Schmerzmittel sind immer ein zweischneidiges Schwert. Einerseits helfen sie effektiv das Leben der Betroffenen zu verbessern. Wenn aber die Ursache des Schmerzes nicht rechtzeitig genug behoben wird, kann der Patient schnell abhängig von den Schmerzmitteln werden. Der Missbrauch verschreibungspflichtiger Opiate ist vor allem in den Vereinigten Staaten eine weit verbreitete Problematik. Einer aktuellen Studie zu Folge gaben dort neunzig Prozent der Hausärzte an, in ihrem Bezirk gebe es mittlere oder sogar große Probleme durch den unsachgemäßen Gebrauch von Schmerzmitteln.


Tabletten
Opiate

Die Aussage der Ärzte wird dabei durch einige weitere Fakten belegt. Die Zahl der Todesfälle im Zusammenhang mit dem Missbrauch verschreibungspflichtiger Medikamente liegt höher als die Opferzahl aller anderen illegalen Drogen kombiniert. Nach Angaben des„National Institute of Drug Abuse“ gab es bereits im Jahr 2010 mehr als acht Millionen Amerikaner, die Schmerzmittel ohne zwingenden medizinischen Grund zu sich nahmen.
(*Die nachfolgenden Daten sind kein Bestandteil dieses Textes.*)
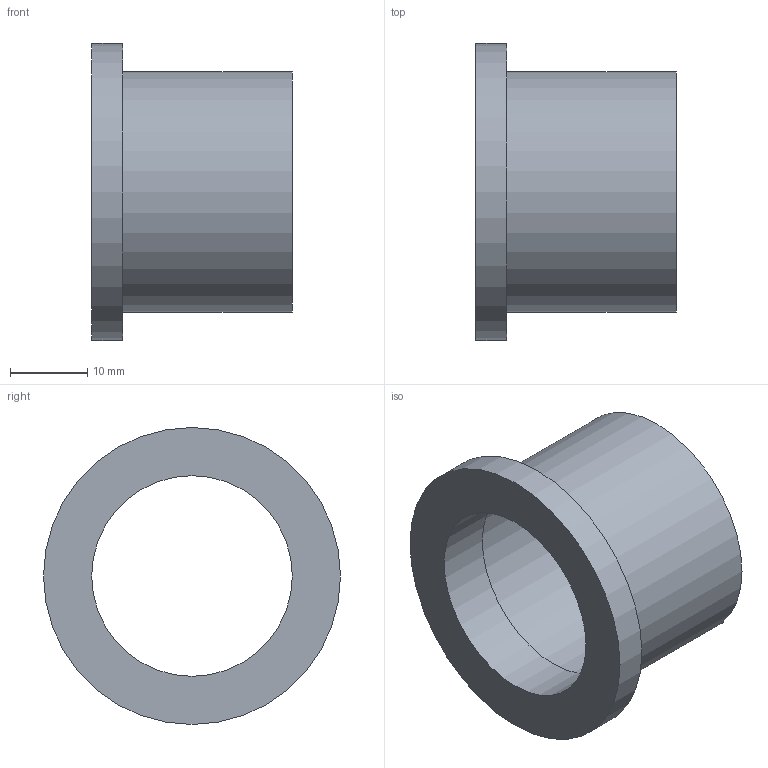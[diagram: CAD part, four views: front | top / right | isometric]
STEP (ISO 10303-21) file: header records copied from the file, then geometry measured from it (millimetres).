
FILE_DESCRIPTION((''),'2;1');
FILE_NAME('G:\Engineering\Public\RYSUNKI\SANHA POLSKA\4372\STEP\14372_28-114(1).stp','2014-03-31T12:55:16',('haldrzynski'),(''),'Autodesk Inventor 2009','Autodesk Inventor 2009','');
FILE_SCHEMA(('AUTOMOTIVE_DESIGN { 1 0 10303 214 1 1 1 1 }'));
Length unit declared in the file: millimetre
Products named in the file (1): 14372_28-114(1)
Bounding box: 26 x 38.5 x 38.5 mm (x, y, z)
Volume: 6060.7 mm3; surface area: 6149.7 mm2
Topology: 1 solids, 1 shells, 8 faces, 12 edges, 8 vertices
Faces by surface type: cylinder 4, plane 4
Full cylindrical faces by diameter (mm): 26 x1, 28 x1, 31.2 x1, 38.5 x1
Entity records: 194 total; most frequent: DIRECTION 34, CARTESIAN_POINT 25, AXIS2_PLACEMENT_3D 17, ORIENTED_EDGE 16, EDGE_LOOP 16, VERTEX_POINT 8, CIRCLE 8, EDGE_CURVE 8

Todesfälle nehmen stetig zu

Ein großes Problem dabei ist die schiere Anzahl der ausgestellten Rezepte. Im Jahr 2010 wurden demnach insgesamt so viele Schmerzmittel verschrieben, dass theoretisch jeder Amerikaner einen Monat lang, alle vier Stunden eine Tablette hätte nehmen können. Bei einer solch hohen Anzahl an verfügbaren Schmerzmitteln, liegt es nahe, dass auch die Todeszahlen durch den Missbrauch verschreibungspflichtiger Medikamente stetig ansteigen: Seit 1990 hat sich die Zahl mehr als verdreifacht.


Problembewusstsein ist ein Teil der Lösung

Die Studie macht aber auch Hoffnung: Die übergroße Anzahl der Hausärzte scheint sich des Problems inzwischen bewusst zu sein. Der Autor der Studie, Dr. G. Caleb Alexander, ist daher zuversichtlich, dass die zuständigen Mediziner zukünftig verstärkt alternative Methoden der Schmerzbekämpfung in Betracht ziehen werden. Dazu gehört der Einsatz von opiatfreien Medikamenten, genauso wie die Nutzung anderer schmerzlindernder Maßnahmen – beispielsweise Massagen oder eine Akkupunktur. Das medizinische System sei lange Zeit ein Teil des Problems gewesen, nun aber werde es zu einem Teil der Lösung, so Alexander.